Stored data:

_ _ _ _ _ _ _

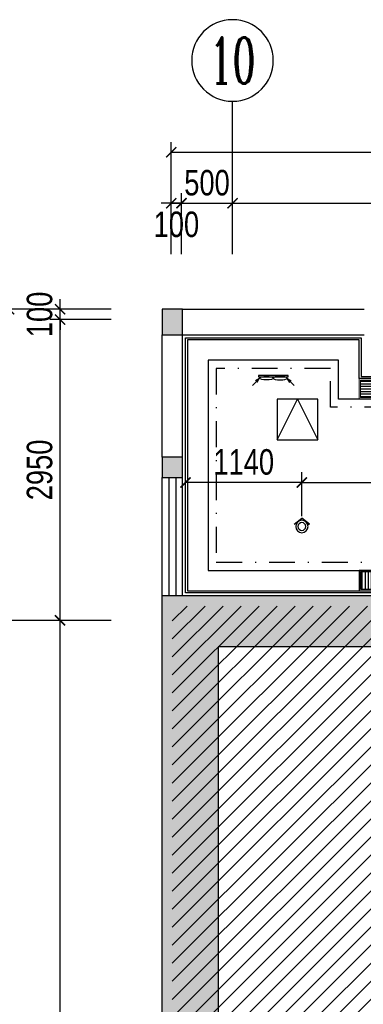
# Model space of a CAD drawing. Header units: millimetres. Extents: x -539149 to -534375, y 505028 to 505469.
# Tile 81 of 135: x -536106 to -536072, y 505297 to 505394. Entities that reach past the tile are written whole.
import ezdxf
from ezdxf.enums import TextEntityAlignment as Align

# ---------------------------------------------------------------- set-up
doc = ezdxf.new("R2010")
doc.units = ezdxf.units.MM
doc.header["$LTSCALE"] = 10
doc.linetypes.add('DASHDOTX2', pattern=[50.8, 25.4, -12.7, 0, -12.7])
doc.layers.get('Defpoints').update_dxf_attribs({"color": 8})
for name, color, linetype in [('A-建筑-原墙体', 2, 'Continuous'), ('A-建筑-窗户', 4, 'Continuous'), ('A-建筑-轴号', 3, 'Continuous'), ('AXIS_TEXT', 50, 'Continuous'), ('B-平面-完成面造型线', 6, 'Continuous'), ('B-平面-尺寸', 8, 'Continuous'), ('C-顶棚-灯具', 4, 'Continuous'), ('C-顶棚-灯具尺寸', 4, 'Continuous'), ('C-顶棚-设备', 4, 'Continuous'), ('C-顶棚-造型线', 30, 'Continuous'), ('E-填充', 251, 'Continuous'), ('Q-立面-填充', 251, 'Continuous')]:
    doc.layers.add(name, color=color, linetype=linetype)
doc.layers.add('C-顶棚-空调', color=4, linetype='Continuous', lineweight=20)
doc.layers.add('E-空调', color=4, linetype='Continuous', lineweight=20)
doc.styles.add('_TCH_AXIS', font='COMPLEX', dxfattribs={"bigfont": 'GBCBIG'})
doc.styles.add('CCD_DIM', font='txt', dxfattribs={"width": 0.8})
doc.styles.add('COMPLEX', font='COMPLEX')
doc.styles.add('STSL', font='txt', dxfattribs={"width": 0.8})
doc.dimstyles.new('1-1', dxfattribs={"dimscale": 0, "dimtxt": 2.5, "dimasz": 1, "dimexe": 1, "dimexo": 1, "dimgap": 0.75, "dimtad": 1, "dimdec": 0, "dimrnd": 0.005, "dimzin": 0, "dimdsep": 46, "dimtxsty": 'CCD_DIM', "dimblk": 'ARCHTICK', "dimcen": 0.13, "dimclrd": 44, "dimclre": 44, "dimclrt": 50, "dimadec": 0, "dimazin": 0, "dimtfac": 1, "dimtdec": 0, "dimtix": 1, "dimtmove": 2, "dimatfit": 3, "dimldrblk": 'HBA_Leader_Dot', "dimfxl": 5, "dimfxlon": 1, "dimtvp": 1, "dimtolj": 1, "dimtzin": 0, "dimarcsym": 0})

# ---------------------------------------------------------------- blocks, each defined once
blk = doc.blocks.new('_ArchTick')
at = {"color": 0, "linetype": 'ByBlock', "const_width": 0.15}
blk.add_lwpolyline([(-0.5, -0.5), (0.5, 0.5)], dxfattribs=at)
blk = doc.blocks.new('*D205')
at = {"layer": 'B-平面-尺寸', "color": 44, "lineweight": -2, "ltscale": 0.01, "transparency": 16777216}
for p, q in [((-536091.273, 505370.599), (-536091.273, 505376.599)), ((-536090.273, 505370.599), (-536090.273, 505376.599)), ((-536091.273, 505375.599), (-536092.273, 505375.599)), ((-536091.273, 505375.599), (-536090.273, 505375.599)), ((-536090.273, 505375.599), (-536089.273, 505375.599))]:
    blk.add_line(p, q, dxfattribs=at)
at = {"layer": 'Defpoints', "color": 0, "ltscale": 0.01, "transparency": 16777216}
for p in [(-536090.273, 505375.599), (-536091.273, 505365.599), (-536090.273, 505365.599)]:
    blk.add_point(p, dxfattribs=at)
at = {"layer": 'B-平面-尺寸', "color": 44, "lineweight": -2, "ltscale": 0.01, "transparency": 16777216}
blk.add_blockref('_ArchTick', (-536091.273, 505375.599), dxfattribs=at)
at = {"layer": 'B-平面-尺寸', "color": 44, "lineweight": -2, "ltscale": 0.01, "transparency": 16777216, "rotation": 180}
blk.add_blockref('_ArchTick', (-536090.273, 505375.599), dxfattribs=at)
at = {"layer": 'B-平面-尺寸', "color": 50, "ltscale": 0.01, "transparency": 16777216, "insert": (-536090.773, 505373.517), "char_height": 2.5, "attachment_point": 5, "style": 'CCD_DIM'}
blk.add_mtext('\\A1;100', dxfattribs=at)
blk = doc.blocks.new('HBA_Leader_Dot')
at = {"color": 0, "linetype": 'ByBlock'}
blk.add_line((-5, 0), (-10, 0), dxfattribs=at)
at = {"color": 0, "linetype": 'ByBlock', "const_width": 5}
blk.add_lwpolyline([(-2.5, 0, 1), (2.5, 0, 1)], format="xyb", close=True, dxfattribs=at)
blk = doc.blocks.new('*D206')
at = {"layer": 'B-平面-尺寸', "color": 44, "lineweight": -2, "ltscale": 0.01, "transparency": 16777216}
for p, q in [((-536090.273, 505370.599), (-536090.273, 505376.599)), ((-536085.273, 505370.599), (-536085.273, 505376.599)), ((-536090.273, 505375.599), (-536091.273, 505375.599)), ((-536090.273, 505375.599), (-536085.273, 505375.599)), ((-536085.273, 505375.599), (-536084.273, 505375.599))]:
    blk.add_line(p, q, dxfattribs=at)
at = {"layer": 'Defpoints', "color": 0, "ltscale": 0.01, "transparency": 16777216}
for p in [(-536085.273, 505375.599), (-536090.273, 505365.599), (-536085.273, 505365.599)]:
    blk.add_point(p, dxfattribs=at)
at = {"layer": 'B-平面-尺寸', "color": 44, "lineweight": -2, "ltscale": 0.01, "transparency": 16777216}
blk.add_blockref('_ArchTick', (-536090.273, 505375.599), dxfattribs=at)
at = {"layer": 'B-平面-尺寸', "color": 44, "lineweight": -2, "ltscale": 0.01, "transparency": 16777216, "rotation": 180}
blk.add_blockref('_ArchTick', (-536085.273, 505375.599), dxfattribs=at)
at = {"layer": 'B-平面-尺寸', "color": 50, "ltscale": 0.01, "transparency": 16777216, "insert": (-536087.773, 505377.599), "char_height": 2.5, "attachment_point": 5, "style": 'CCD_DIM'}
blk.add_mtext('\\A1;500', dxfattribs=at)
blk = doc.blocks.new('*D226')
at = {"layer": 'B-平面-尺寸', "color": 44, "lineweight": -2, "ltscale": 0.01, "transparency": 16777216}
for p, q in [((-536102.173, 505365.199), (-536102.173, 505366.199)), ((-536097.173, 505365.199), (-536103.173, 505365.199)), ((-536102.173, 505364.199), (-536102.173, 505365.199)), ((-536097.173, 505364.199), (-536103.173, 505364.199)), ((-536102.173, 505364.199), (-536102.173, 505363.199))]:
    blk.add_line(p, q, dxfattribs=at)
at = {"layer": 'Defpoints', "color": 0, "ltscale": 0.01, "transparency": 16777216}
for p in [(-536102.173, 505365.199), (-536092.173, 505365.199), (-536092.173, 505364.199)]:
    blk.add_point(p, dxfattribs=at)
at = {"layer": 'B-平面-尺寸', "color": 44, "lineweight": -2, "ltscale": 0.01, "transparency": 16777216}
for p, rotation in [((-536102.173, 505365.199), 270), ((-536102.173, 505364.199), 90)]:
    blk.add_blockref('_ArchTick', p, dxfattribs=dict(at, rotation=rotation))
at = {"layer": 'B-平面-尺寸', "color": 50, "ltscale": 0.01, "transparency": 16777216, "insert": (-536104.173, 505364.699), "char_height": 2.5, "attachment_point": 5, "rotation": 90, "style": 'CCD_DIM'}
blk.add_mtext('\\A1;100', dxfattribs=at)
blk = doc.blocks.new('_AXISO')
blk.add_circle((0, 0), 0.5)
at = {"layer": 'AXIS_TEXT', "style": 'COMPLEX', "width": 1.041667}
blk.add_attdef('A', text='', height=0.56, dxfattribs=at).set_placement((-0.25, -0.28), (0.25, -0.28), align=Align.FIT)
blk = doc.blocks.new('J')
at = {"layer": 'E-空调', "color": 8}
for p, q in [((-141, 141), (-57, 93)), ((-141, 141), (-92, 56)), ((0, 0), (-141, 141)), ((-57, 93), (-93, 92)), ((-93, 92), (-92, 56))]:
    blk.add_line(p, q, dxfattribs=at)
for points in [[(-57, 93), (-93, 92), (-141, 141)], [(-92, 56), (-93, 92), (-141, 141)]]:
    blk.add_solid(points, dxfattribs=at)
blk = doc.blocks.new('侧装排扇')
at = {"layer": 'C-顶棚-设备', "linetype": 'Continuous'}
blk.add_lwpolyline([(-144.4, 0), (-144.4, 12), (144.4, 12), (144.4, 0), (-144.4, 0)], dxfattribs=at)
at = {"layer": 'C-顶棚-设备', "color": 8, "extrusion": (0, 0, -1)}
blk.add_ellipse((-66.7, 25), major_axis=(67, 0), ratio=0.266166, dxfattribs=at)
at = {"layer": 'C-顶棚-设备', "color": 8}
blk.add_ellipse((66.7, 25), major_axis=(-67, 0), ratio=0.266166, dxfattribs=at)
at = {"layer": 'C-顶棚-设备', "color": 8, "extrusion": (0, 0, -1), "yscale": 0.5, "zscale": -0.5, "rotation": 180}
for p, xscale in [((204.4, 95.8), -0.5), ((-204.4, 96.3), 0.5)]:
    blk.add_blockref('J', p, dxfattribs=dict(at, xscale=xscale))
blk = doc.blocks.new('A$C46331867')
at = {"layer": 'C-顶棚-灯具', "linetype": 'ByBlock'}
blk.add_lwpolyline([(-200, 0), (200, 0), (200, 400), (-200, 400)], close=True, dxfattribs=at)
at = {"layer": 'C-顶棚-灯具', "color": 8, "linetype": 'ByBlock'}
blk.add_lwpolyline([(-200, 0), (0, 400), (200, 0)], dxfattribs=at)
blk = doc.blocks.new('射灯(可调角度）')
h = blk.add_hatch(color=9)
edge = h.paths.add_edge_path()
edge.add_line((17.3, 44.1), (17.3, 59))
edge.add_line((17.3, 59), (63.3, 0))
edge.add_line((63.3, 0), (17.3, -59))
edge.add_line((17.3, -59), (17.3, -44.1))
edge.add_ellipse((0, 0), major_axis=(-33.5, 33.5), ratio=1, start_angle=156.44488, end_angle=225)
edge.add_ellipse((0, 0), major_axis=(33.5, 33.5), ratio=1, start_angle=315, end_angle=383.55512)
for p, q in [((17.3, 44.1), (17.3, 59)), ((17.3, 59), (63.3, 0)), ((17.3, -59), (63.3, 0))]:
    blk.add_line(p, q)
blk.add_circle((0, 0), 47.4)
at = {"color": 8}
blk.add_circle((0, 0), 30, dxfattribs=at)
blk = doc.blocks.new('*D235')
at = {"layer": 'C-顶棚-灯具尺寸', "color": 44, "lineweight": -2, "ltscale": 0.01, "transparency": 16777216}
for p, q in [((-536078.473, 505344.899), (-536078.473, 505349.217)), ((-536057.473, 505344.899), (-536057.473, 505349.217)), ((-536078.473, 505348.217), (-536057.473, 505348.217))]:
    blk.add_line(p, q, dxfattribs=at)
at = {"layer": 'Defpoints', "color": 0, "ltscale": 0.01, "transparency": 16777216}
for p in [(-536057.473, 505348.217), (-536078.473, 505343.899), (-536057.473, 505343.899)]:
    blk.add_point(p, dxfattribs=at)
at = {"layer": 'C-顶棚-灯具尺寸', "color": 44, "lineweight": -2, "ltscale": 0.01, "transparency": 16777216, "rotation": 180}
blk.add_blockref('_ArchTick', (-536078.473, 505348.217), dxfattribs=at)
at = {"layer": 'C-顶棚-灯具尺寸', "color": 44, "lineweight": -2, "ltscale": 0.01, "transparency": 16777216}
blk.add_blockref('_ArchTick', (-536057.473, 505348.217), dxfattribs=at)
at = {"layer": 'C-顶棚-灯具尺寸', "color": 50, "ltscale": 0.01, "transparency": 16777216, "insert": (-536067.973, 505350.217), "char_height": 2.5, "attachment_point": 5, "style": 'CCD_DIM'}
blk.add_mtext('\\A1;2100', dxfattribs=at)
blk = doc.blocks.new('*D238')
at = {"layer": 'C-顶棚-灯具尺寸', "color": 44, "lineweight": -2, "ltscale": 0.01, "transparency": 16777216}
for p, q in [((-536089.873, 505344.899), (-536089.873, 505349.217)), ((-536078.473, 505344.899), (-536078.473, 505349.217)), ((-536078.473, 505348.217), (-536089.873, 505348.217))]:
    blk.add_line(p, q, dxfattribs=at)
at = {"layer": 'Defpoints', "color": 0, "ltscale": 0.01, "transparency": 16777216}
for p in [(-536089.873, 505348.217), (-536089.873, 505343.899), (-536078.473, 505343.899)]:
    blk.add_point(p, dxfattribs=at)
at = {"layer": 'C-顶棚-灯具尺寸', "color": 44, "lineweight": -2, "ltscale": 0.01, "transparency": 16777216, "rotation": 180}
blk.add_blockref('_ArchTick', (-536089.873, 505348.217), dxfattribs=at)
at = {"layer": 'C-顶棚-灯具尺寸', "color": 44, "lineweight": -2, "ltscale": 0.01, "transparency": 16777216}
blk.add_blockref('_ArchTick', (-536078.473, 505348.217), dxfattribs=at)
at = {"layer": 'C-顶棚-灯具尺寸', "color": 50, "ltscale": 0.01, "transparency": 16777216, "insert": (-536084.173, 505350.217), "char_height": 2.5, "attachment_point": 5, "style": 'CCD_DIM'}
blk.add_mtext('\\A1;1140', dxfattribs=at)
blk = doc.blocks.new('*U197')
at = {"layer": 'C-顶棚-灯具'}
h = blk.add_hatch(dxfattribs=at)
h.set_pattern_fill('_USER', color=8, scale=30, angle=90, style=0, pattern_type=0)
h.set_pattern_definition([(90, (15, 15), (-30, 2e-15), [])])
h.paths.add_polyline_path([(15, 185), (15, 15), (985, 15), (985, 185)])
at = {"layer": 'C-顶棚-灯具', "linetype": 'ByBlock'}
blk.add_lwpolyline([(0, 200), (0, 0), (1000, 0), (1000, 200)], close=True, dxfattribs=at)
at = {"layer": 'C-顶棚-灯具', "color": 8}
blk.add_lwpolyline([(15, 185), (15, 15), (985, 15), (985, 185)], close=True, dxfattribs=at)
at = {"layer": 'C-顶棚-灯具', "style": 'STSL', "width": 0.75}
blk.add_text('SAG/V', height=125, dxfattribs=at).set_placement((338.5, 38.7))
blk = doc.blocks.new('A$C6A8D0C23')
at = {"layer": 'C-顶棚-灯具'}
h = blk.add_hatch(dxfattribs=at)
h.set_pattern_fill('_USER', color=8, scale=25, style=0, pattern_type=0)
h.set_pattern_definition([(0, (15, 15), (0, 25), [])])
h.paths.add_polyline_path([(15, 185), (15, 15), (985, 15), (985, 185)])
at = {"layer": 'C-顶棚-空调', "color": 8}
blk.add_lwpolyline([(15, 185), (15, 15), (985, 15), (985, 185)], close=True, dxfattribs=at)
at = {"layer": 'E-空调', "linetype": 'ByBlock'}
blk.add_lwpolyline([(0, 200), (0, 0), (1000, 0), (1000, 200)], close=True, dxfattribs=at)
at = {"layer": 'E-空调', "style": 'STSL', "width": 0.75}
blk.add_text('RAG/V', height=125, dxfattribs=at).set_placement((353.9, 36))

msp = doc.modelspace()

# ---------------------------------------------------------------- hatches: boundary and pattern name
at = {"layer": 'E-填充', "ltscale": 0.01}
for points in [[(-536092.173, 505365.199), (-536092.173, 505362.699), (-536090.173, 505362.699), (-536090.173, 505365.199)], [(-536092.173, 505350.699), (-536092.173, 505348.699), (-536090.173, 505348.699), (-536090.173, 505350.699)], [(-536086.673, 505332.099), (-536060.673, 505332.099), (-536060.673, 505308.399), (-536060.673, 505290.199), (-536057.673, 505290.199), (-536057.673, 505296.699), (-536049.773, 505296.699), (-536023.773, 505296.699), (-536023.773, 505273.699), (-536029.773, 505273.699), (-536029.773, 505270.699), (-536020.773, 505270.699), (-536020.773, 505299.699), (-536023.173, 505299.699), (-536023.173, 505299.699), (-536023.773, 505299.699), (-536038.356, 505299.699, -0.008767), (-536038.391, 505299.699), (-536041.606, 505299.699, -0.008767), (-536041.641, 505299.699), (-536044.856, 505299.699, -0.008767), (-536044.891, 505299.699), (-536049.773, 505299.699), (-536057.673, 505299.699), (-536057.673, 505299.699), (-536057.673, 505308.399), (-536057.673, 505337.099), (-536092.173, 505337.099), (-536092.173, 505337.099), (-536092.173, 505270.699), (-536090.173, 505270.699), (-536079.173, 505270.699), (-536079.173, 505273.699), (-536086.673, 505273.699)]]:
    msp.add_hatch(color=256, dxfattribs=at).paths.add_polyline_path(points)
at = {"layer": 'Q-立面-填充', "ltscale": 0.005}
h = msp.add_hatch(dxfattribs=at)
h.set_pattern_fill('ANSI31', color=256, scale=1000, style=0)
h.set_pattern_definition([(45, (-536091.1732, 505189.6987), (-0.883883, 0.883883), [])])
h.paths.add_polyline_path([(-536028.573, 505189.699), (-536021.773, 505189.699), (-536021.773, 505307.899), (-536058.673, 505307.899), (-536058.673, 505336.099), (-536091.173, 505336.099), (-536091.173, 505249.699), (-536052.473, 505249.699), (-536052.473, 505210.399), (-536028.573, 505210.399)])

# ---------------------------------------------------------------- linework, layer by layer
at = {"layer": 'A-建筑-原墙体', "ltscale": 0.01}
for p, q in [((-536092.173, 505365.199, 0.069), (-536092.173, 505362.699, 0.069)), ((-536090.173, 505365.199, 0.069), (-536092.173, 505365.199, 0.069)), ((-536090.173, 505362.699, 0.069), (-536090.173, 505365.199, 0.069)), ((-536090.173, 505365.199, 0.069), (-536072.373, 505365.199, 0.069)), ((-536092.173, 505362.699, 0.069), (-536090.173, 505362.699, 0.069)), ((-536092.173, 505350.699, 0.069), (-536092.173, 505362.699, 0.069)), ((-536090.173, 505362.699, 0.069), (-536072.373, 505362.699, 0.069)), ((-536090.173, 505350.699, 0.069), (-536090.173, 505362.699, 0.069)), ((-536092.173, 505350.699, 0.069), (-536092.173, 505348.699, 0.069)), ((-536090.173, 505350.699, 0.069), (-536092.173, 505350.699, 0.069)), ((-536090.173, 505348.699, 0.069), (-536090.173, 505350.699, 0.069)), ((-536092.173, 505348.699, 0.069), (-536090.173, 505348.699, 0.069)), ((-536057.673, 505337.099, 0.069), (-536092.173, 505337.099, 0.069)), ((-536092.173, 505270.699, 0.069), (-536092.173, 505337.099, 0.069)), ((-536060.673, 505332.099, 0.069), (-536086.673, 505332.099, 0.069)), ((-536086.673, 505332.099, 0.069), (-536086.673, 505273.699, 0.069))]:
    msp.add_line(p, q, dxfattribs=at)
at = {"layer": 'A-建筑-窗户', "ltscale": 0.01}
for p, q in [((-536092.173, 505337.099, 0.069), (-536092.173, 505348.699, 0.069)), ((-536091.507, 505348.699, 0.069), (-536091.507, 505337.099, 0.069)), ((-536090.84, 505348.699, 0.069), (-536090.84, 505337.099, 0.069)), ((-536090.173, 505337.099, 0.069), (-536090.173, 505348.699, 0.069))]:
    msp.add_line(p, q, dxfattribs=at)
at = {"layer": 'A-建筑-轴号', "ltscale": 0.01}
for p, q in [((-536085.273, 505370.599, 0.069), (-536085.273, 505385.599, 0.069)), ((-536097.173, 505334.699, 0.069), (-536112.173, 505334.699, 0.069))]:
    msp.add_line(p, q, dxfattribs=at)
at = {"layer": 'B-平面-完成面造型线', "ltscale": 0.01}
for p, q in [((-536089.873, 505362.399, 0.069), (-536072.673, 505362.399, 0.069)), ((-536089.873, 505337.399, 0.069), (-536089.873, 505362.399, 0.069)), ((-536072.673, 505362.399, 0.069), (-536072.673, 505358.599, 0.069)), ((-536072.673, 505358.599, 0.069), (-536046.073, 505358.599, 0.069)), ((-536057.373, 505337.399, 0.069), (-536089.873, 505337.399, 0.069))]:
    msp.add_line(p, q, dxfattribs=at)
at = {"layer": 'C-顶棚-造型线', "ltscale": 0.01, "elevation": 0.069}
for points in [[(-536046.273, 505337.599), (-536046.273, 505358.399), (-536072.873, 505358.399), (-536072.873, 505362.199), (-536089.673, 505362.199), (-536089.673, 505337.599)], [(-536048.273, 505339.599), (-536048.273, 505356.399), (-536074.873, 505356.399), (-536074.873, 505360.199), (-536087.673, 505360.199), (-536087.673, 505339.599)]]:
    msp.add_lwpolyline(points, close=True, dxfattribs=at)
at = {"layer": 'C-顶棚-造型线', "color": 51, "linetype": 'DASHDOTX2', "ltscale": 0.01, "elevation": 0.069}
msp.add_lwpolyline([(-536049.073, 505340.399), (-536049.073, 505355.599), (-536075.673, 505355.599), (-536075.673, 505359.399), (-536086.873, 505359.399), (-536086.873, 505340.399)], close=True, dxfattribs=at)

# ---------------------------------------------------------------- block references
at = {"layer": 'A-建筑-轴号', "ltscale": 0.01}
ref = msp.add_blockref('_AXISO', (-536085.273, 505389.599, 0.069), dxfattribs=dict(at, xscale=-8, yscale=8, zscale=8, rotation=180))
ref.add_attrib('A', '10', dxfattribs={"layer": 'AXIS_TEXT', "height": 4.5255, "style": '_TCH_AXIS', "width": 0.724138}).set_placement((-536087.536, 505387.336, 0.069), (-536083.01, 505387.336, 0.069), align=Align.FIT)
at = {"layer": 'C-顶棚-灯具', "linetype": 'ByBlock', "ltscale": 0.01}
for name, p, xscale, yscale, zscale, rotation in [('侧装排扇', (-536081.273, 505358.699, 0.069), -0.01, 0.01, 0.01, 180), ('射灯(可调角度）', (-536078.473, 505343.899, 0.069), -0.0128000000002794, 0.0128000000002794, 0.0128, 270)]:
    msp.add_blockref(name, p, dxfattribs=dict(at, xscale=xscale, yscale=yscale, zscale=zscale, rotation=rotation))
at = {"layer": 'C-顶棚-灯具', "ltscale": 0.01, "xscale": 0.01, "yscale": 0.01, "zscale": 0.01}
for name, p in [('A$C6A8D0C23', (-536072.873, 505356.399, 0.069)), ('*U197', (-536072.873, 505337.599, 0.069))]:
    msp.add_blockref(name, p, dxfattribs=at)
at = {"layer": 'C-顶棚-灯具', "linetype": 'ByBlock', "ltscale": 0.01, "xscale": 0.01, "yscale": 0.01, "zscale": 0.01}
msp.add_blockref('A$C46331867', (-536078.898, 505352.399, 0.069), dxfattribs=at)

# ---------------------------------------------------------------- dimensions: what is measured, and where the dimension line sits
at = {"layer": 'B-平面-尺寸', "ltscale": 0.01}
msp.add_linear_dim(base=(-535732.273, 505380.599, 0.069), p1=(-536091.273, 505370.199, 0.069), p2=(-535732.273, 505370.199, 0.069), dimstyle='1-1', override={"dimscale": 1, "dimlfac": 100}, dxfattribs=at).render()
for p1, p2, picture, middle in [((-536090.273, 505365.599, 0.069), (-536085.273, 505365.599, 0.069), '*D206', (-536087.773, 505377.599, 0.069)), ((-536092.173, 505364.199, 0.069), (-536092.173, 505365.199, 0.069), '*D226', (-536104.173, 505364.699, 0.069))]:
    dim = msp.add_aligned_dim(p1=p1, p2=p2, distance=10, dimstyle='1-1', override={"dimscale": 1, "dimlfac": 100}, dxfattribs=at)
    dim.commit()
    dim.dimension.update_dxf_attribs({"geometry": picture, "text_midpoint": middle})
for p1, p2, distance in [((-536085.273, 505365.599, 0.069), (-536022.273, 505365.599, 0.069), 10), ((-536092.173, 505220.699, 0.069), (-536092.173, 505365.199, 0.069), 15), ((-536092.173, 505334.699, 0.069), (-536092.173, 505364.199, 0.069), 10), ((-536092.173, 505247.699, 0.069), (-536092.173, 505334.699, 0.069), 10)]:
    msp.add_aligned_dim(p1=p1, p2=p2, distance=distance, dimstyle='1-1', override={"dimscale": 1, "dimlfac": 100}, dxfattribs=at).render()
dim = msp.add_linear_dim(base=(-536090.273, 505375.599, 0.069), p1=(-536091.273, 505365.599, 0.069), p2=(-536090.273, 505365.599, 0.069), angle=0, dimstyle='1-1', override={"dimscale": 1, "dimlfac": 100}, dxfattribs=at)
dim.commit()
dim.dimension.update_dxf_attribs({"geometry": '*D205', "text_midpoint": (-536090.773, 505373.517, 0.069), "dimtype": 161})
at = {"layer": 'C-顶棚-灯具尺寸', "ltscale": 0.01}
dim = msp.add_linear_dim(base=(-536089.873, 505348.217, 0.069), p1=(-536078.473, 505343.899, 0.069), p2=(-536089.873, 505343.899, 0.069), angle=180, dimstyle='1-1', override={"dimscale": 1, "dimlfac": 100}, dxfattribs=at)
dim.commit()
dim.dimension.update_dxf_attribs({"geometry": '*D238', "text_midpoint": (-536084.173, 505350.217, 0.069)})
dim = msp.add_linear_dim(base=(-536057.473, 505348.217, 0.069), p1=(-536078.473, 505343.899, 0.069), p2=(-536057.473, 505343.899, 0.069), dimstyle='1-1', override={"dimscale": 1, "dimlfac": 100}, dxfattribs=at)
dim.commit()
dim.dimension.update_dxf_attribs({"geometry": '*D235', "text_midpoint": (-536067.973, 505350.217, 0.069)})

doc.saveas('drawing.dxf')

_ _ _ _ _ _ _

■ PROBLEM REQUIREMENTS
Count the lines in the data where "elevation" occurs. Report the number only.

■ ANSWER TO THE PROBLEM
2